The present invention relates generally to computer memory and more particularly to error correction in a memory system.
Computer systems often require a considerable amount of high speed random access memory (RAM) to hold information, such as data and programs, temporarily when a computer is powered and operational. This information is normally binary, composed of patterns of 1's and 0's known as bits of data. The bits of data are often grouped and organized at a higher level. A byte, for example, is typically composed of eight bits; more generally these groups or bytes are called symbols and may be made up of any number of bits or sub-symbols.
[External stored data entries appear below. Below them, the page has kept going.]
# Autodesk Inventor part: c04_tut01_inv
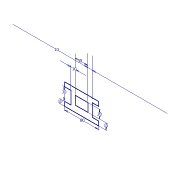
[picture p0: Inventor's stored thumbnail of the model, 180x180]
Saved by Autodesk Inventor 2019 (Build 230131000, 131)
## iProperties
Created: 2017-04
Part Number: c04_tut01_inv
Material: Generic
Document SubType Name: Modeling
Designer: CADCIM 00
Density: 1 g/cm^3
Appearance: Default
Author: CADCIM 00
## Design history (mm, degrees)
sketch "Sketch1"
  geometry: 1 further point
sketch "Sketch2"
  geometry: L1 (0, 0)-(0, 10); L2 (0, 10)-(-15, 10); L3 (-15, 10)-(-15, 40); L4 (-15, 40)-(0, 40); L5 (0, 40)-(0, 50); L6 (0, 50)-(-80, 50); L7 (-80, 50)-(-80, 40); L8 (-80, 40)-(-65, 40); L9 (-65, 40)-(-65, 10); L10 (-65, 10)-(-80, 10); L11 (-80, 0)-(0, 0); L12 (-80, 10)-(-80, 0); L13 (-25, 35)-(-55, 35); L14 (-55, 35)-(-55, 15); L15 (-55, 15)-(-25, 15); L16 (-25, 15)-(-25, 35)
  constraints: 32 end point, 8 perpendicular, 8 point on line, 3 parallel, 2 collinear, 1 horizontal, 1 vertical
  dimensions: "d0" = 80 distance of L11.start L1.start; "d1" = 10 distance of L1.start L1.end; "d2" = 30 distance of L2.end L3.end; "d3" = 10 distance between parallel lines of L16 L3; "d4" = 10 distance between parallel lines of L9 L14; "d5" = 15 distance between parallel lines of L15 L11; "d6" = 20 distance of L13.end L14.end; "d7" = 30 distance of L13.start L13.end

Memory device densities have continued to grow as computer systems have become more powerful. In some cases, the RAM content of a single computer can be composed of hundreds of trillions of bits. Unfortunately, the failure of just a portion of a single RAM device can cause system-wide issues. When memory errors occur, which may be “hard” (repeating) or “soft” (one-time or intermittent) failures, these failures may occur as single cell, multi-bit, full chip or full memory module failures and all or part of the system RAM may be unusable until it is repaired. Repair turn-around-times can be hours or even days, which can have a substantial impact to a business dependent on the computer systems. In systems with an array of memory modules (servers, for example), failed memory modules may be isolated temporarily without taking system down, in order to sustain the system operation. However, this would result in memory loss from the overall system memory and would adversely affect the performance.
The probability of encountering a RAM failure during normal operations has continued to increase as the amount of memory storage in contemporary computers continues to grow.